O MS deve ter seus motivos. Se for porque acha o PL 7.495-A inconstitucional, a Dep. Fatima Bezerra tinha razão em não deixar o PL 6.111/2009 ser votado em 2010, mas se o PL 7.495-A que absolveu o PL 6.111/2009 for constitucional, nós todos fomos enganados desde 2010, pois se agora um PL de deputado pode regulamentar o piso dos agentes, por que em 2010 não pode? Por que agora um PL que foi modificado e absolveu algo que antes era inconstitucional é constitucional de uma hora para outra?
TROCANDO EM MIÚDOS:
O PL 270/2006 do Senador Rodolfo Tourinho que não tratava de piso nacional, chegou a Câmara e virou o PL 7.495/2006. Por ser o PL mais antigo relacionado aos agentes de saúde e que já aguardava votação na câmara, todos os PLs novos que foram chegando relacionados aos ACE e ACS, foram apensados a ele (se agarraram para aguardar votação). Assim correu com PL 196/2009 da Senadora Saboya, que ao dar entrada na Câmara virou o PL 6.111/2009 que depois de tanta propaganda política com ele o retiraram de votação.

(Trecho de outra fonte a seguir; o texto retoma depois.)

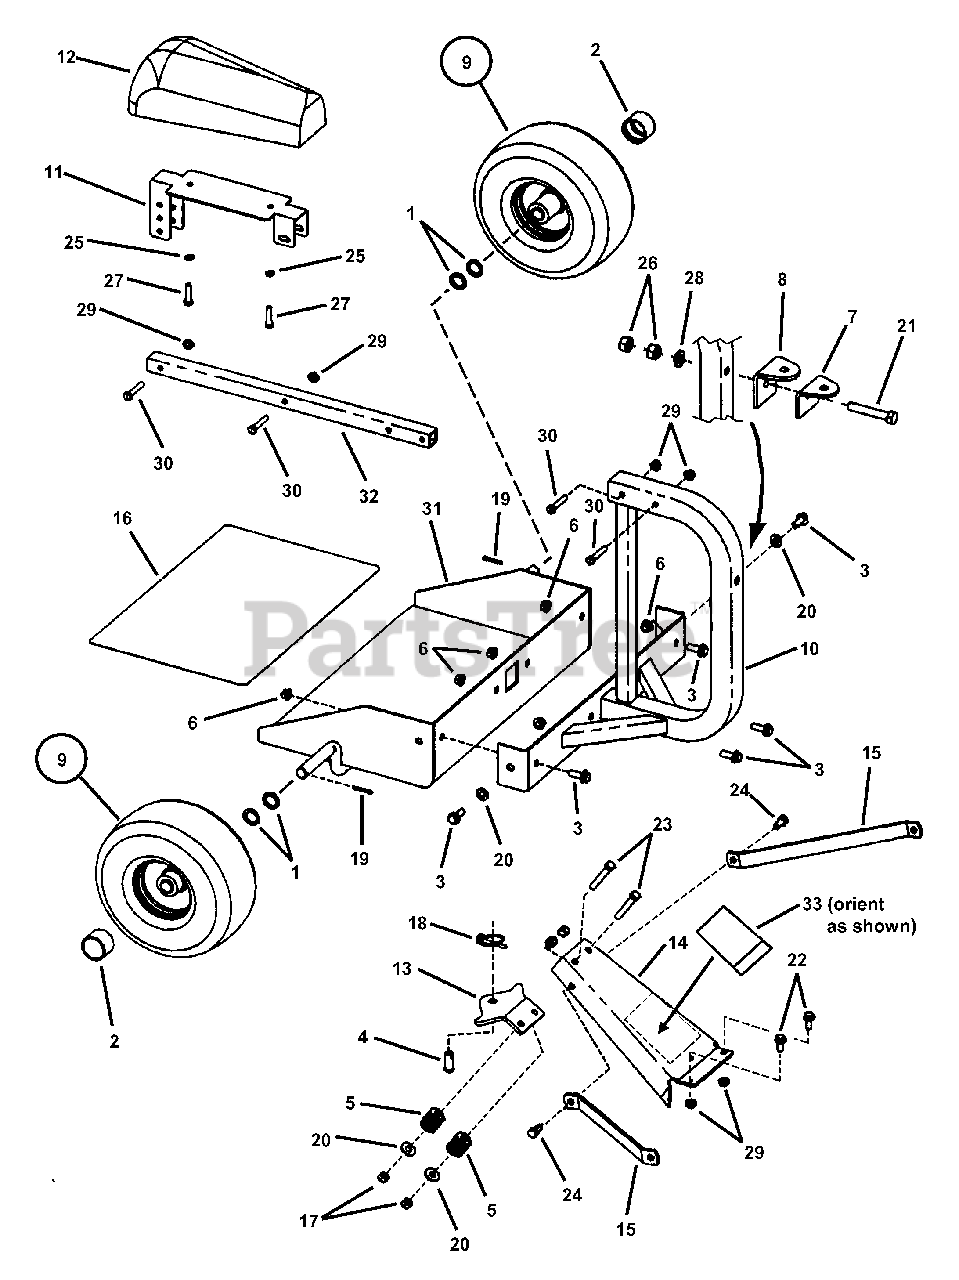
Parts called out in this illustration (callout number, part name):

O que a Comissão especial fez em 2011, foi juntar todos os PLs e fazer um só, ou seja, os apensos números: (PL 298/2007, PL 6033/2009, PL 6033/2009, PL 6035/2009, PL 6111/2009 (1), PL 6681/2009, PL 6129/2009, PL 6754/2010, PL 7056/2010 (1), PL 7095/2010, PL 7363/2010, PL 7401/2010, PL 486/2011, PL 658/2011, PL 1355/2011, PL 1399/2011, PL 1692/2011, PL 3644/2012, PL 3730/2012, PL 3664/2012), depois de analisados, se transformaram no Substitutivo PL nº. 7.495-A que está e discussão na Câmara dos Deputados.

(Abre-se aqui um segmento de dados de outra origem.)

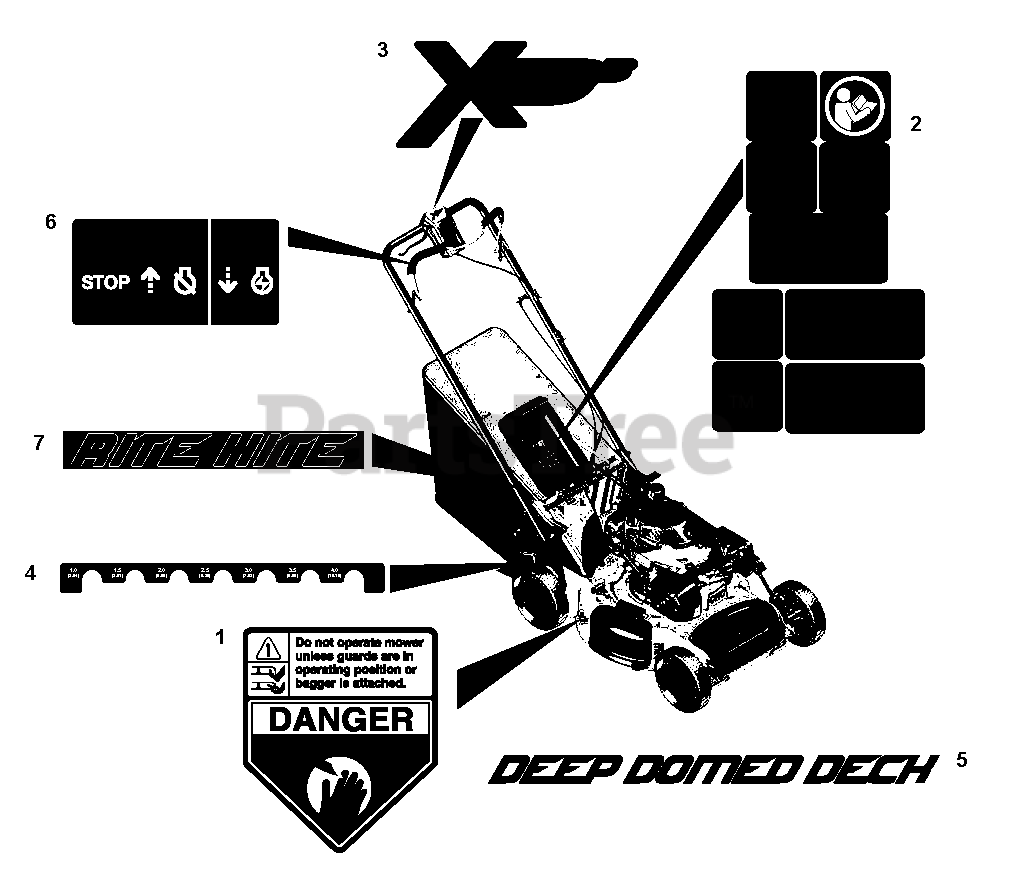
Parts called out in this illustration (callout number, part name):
1	Decal, Danger
2	Decal, Main Safety
3	Decal, Gravely XD3 Style (911172)
4	Decal, HOC (Height of Cut)
5	Decal, Deep Dome Deck
6	Decal, Engine Control
7	Decal, Rite Hite
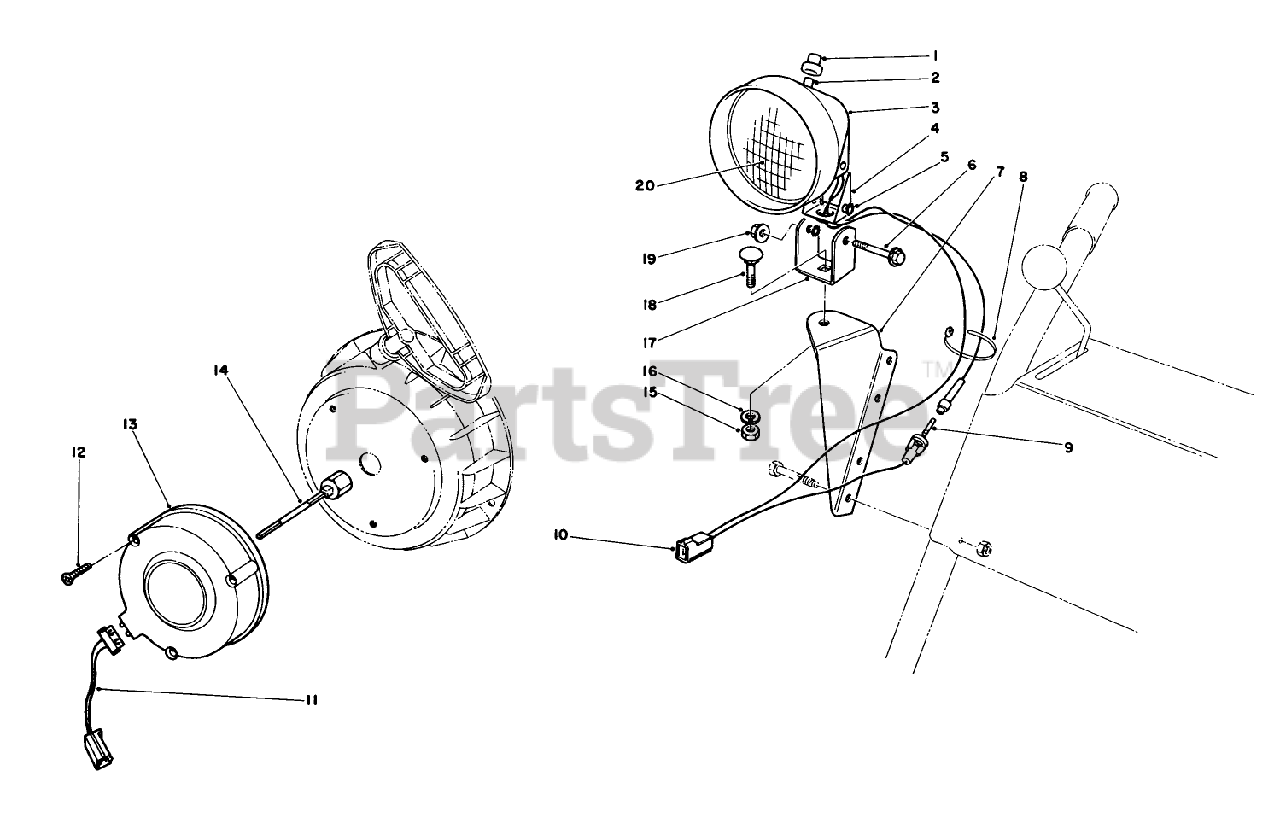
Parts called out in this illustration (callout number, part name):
1	BOOT-SWITCH
5	WASHER-LOCK
6	SCREW-HH
7	MOUNT-LAMP
8	TIE-CABLE
9	Fuse-7 1/2 Amp
10	WIRE ASM
13	TECUMSEH 1A183-69
15	NUT-HEX
16	WASHER-LOCK
18	BOLT-CARR
19	NUT-HF
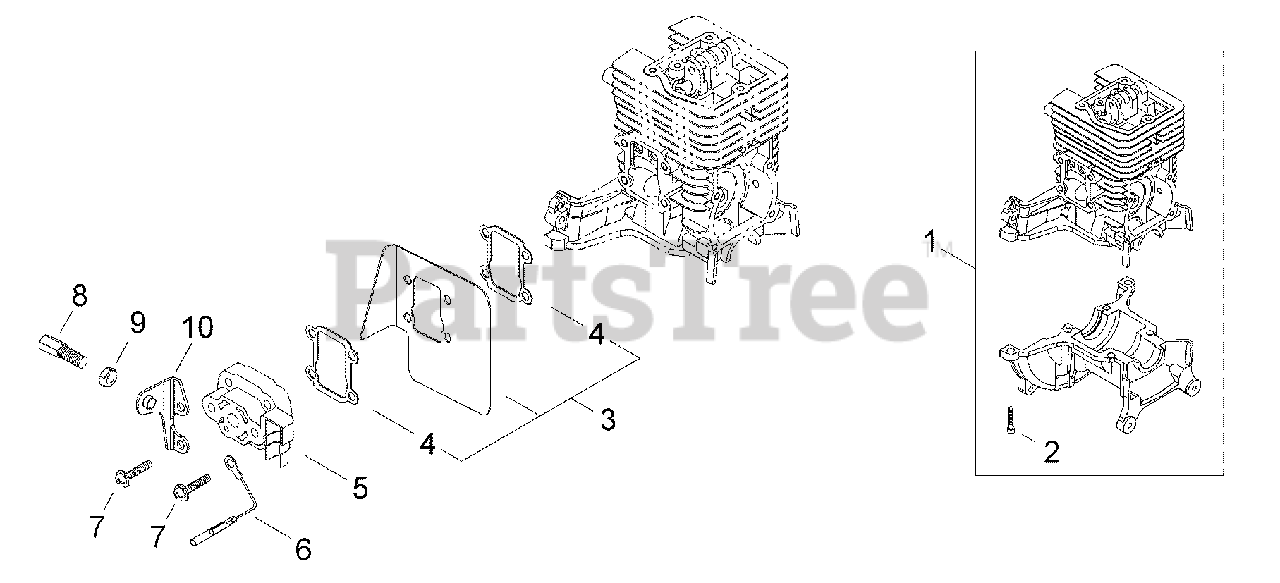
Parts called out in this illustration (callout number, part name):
1	CYLINDER & CRANKCASE ASSY
2	BOLT 5×16
3	SHIELD ASSY, INTAKE HEAT
4	GASKET, EXHAUST
5	INSULATOR WITH REED VALVE
6	LEAD - GROUND L= 110 MM
7	SCREW M5×22
8	ADJUSTER, THROTTLE CABLE
9	NUT, ADJUSTER LOCK M6
10	BRACKET, THROTTLE CABLE

Para finalizar nobres leitores, o que vejo é que esse documento do Ministério da Saúde caiu em mãos erradas e depois da divulgação que fiz, mexi com muita gente que costuma iludir os leigos.
Quero agradecer a Eliseu pelo debate e por me fazer enxergar por outro ângulo o que nem ele próprio enxergou. Sobre a pessoa que lhe disse que falo de deputado(a), diga a ele(a) que não recebo esmolas de nenhum político, não pego dinheiro em gabinete em nome da Instituição sindical e me aproprio indebitamente e muito menos devo satisfação à meia dúzia de assessores, que só ficam bem informados através dos nossos blogs.
Atenção: Antes que digam que até os blogueiros estão brigando, quero esclarecer que não se trata de briga, são conflitos de opiniões de duas pessoas esclarecidas e que dão aula a certos assessores parlamentares que não tem o que fazer.